Meses después, el balcón del viejo Alberto comenzó a entintarse de tonos verdosos, aunque no le llegaba ni a los tobillos del nuestro. Cada vez que adoptaba una nueva planta, consideraba importante tocar la puerta del apartamento y presentárnosla, así como también nos explicaba el origen del nombre escogido.
Al mediodía, casi como un ritual, se oía cantar Se dice de mí a Tita, la planta de salvia azul, para que esta pudiese crecer más fuerte y diese más flores en su debido momento.
En una tarde cálida, mientras el sol se escondía entre los edificios aledaños, Alberto llamó a nuestro apartamento. Me sorprendió la manera inquieta en la que esperaba para entrar, por lo que le permití el paso. Él, amable, me entregó una pequeña bolsa con hojas de menta.
—Huelen riquísimas, don Alberto, se nota que está cuidando bien a Mabel —comenté—. Voy a usar algunas para hacerme un té, ¿quiere uno?
—No, señorita, muchas gracias. Estoy bien así…
Luego de su respuesta, el silencio reinó por unos cuantos minutos. Algo le sucedía, eso era claro. ¿Qué podía ser? Mi mente adolescente pensó que alguna de sus plantas se había marchitado, tal vez Carmen, ya que era la más antigua de las cinco.
—¿Doña Carmen no se encuentra en casa? —Retomó la conversación—. Creí haberla escuchado decir que tendría libre el día de hoy.
—Y lo tenía, sí, pero en el supermercado andan cortos de gente y la llamaron para ver si podía hacer horas extras. —Encendí la hornalla y coloqué sobre ella la caldera con agua—. ¿Quería hablar con ella por las plantitas? —pregunté con más preocupación de la que quise expresar.
—Sí, pero no por lo que usted cree, no se preocupe. —Su sonrisa fue suficiente para tranquilizarme—. Le cuento: me llegó una invitación esta mañana de mi ahijada, que es hija de un amigo, porque se va a casar con un muchacho de la zona donde viven, allá en el campo, y me dijeron que podía quedarme dos semanas en el terreno que tienen y volvería para acá al día siguiente del casamiento. Ya me preparé el bolso y todo, pero ando preocupado de que mis plantas se marchiten, ¿sabe? Más que nada Marta, que es la más nueva. Y vine a pedirle a doña Carmen si me las podía cuidar hasta que yo vuelva del campo.
Marta era una petunia blanca, la única planta de la que Alberto se rehusó a explicar, el día que nos las presentó, el origen del nombre. Se había malhumorado como en los viejos tiempos, para luego disculparse y pedirnos no mencionar el asunto de nuevo. Era extraño que le tuviese un cariño especial, pero aún faltaban semanas para descubrir el enigma alrededor de la flor.
—No tiene de qué preocuparse, estoy segura que mi mamá va a aceptar encantada, sabe cómo es ella con el tema…
—Mientras no me las ahogue de emoción, me quedo mucho más tranquilo. —Soltó una carcajada.
El pitido de la caldera comenzó a aturdir mis oídos, por lo que apagué la hornalla y agregué las hojas de Mabel en la taza. Mientras la charla continuaba, ahora más amena, vacié el agua caliente y revolví el contenido con una cuchara.
Cuando mamá regresó del trabajo, preferí preguntarle sobre su día.
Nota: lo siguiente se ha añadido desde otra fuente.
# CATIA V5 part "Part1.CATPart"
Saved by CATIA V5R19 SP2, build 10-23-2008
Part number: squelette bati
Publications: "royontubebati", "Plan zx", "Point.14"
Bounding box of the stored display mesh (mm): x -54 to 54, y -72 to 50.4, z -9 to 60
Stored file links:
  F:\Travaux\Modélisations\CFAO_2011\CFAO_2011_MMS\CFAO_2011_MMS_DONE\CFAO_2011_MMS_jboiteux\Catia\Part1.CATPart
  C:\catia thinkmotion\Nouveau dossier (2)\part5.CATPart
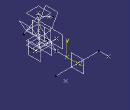
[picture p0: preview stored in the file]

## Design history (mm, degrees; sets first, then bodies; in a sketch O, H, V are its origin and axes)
Parameters
  royontubebati = 9 mm
Body1 (main body)
  Point1: (0, 0, 0)
  Line1: type Normal, RefPoint Point1, RefSkin zx-plane, Start 0, End 26.4 {= royontubebati *44/15}
  Point2: (0, 0, 0), relative to vertex of Line1
  Line2: type Normal, RefPoint Point2, RefSkin yz-plane, Start -54, End 54 {= royontubebati *6}
  Line3: type Normal, RefPoint vertex of Line2, RefSkin zx-plane, Start 0, End 24 {= royontubebati *8/3}
  Line4: type Normal, RefPoint vertex of Line2, RefSkin zx-plane, Start 0, End 24 {= royontubebati *8/3}
  Point3: (0, 0, 0), relative to vertex of Line3
  Point4: (0, 0, 0), relative to vertex of Line4
  Line5: type Normal, RefPoint Point1, RefSkin zx-plane, Start 0, End -72 {= -royontubebati *8}
  Point5: (0, 0, 0), relative to vertex of Line5
  Line6: type Normal, RefPoint Point5, RefSkin xy-plane, Start 0, End -9 {= -royontubebati}
  Point6: (0, 0, 0), relative to vertex of Line6
  Line7: type PtDir, RefPoint Point6, Direction yz-plane, Start 20, End -20
  Line8: type Normal, RefPoint Point5, RefSkin xy-plane, Start 0, End 60 {= royontubebati *20/3}
  Point7: type OnCurve, Support Line5, Length 18 {= royontubebati *2}
  Point8: type OnCurve, Support Line5, Length 45 {= royontubebati *5}
  Point9: type OnCurve, Support Line8, Length 21.6 {= royontubebati *12/5}
  Point10: (0, 0, 0), relative to vertex of Line8
  Point11: type OnCurve, Support Line8, Length 36 {= royontubebati *4}
  Line9: type PtPt, FirstPoint Point11, SecondPoint Point8
  Line10: type Normal, RefPoint Point7, RefSkin yz-plane, Start -27.6, End 27.6 {= royontubebati *46/15}
  Plane1: type Normal, Curve Line8, RefPoint Point9
  Point12: type OnCurve, Support Line8, Length 6 {= royontubebati *2/3}
  Plane2: stored without definition
  Line11: type Angle, RefPoint Point12, Curve Line8, Support Plane2, Start 0, End -42.3 {= -royontubebati*4.7}, Angle 60
  Plane3: stored without definition
  Line12: type Angle, RefPoint Point12, Curve Line8, Support Plane3, Start 0, End -42.3 {= -royontubebati*4.7}, Angle -60
  Point13: type OnCurve, Support Line11, Length 29.7 {= royontubebati *3.3}
  Point14: type OnCurve, Support Line12, Length 29.7 {= royontubebati *3.3}
  Plane4: type Normal, Curve Line12, RefPoint Point14
  Plane5: type Normal, Curve Line11, RefPoint Point13
  Line13: stored without definition
  Point15: stored without definition
  Line14: stored without definition
  Point16: stored without definition
  Line15: stored without definition
  Plane6: type OffsetPt, RefPlane yz-plane, RefPoint Point2
  Plane7: type OffsetPt, RefPlane xy-plane, RefPoint Point5
  Plane8: type OffsetPt, RefPlane xy-plane, RefPoint Point10
  Plane9: type OffsetPt, RefPlane xy-plane, RefPoint Point6
  Plane10: type OffsetPt, RefPlane yz-plane, RefPoint Point9
  Plane11: type OffsetPt, RefPlane yz-plane, RefPoint Point7
  Sketch1 on Plane6, origin (0, 0, 0), H (0, 1, 0), V (0, 0, 1)
    circle A1 centre (28.9731, 36.0773) radius 0
    point P1 (28.9731, 36.0773)
    coincidence: A1 P1
  Point17: (0, 0, 0), relative to vertex of Line10
  Point18: (0, 0, 0), relative to vertex of Line10
  Plane12: type OffsetPt, RefPlane Plane11, RefPoint Point17
  Plane13: type OffsetPt, RefPlane Plane11, RefPoint Point18

No fue hasta la medianoche que le anuncié el viaje de Alberto y su pedido. Aún recuerdo el notorio cansancio en su rostro yéndose por un instante, fascinada con la idea de cuidar a Marta, Tita, Mabel, Carmen y Rosina —esta última siendo una planta de orégano—.
Lo que no sabíamos era que los planes iban a dar un giro inesperado en nuestra contra. O, mejor dicho, en mi contra.